### Activity:
Each line of the listing where "under" appears should be reported.

### Source material:
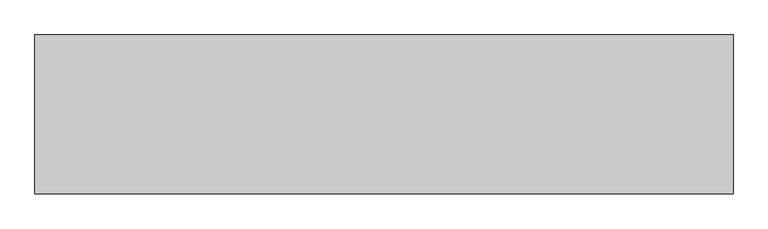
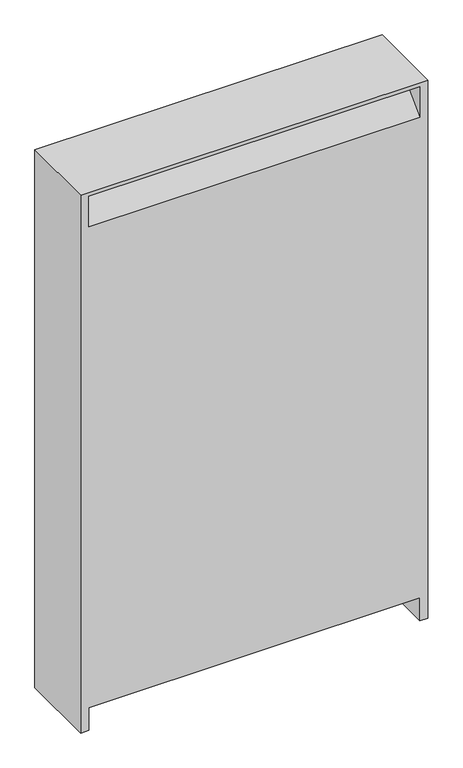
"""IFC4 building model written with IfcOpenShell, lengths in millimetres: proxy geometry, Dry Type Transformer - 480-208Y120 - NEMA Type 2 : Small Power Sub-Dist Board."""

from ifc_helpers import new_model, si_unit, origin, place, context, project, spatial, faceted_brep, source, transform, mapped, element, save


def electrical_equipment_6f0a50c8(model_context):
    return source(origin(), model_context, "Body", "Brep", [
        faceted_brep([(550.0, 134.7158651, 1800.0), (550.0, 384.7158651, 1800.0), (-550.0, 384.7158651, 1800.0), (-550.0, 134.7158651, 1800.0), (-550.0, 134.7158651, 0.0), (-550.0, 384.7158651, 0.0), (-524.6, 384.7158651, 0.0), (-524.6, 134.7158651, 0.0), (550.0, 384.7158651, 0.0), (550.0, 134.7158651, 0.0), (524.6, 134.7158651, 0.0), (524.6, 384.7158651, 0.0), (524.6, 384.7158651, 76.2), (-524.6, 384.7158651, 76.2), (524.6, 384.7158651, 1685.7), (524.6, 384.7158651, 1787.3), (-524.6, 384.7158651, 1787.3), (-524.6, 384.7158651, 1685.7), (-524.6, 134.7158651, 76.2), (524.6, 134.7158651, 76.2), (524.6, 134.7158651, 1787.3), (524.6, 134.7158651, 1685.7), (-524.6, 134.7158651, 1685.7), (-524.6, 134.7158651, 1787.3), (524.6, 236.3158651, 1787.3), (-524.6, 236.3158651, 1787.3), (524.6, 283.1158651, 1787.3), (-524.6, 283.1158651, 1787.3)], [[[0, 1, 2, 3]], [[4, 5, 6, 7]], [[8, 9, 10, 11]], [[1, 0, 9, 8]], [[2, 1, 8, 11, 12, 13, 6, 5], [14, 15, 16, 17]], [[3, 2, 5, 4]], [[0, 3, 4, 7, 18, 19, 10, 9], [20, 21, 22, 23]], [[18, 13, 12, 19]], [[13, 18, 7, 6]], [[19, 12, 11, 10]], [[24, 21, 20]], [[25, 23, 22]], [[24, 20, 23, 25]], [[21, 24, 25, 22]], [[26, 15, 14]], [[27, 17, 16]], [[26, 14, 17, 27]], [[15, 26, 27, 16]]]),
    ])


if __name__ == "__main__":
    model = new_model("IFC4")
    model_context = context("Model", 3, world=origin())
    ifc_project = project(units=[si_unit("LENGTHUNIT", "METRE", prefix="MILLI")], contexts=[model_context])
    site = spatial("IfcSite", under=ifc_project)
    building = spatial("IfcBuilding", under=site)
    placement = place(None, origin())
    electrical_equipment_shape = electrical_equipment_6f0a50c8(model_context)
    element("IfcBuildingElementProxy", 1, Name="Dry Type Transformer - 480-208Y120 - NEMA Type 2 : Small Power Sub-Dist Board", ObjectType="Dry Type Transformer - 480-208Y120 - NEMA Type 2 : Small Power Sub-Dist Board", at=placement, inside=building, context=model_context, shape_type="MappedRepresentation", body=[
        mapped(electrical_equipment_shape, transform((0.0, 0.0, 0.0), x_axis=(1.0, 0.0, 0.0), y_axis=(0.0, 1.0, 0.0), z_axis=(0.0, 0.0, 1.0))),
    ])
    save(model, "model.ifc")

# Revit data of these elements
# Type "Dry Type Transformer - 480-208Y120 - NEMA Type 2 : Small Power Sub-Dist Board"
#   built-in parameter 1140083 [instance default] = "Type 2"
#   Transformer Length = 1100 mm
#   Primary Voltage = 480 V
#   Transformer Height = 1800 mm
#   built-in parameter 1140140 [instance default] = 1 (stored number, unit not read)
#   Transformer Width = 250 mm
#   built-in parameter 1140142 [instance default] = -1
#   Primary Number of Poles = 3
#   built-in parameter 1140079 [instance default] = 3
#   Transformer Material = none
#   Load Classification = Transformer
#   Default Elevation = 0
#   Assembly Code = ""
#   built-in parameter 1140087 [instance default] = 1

### Exercise output:
    site = spatial("IfcSite", under=ifc_project)
    building = spatial("IfcBuilding", under=site)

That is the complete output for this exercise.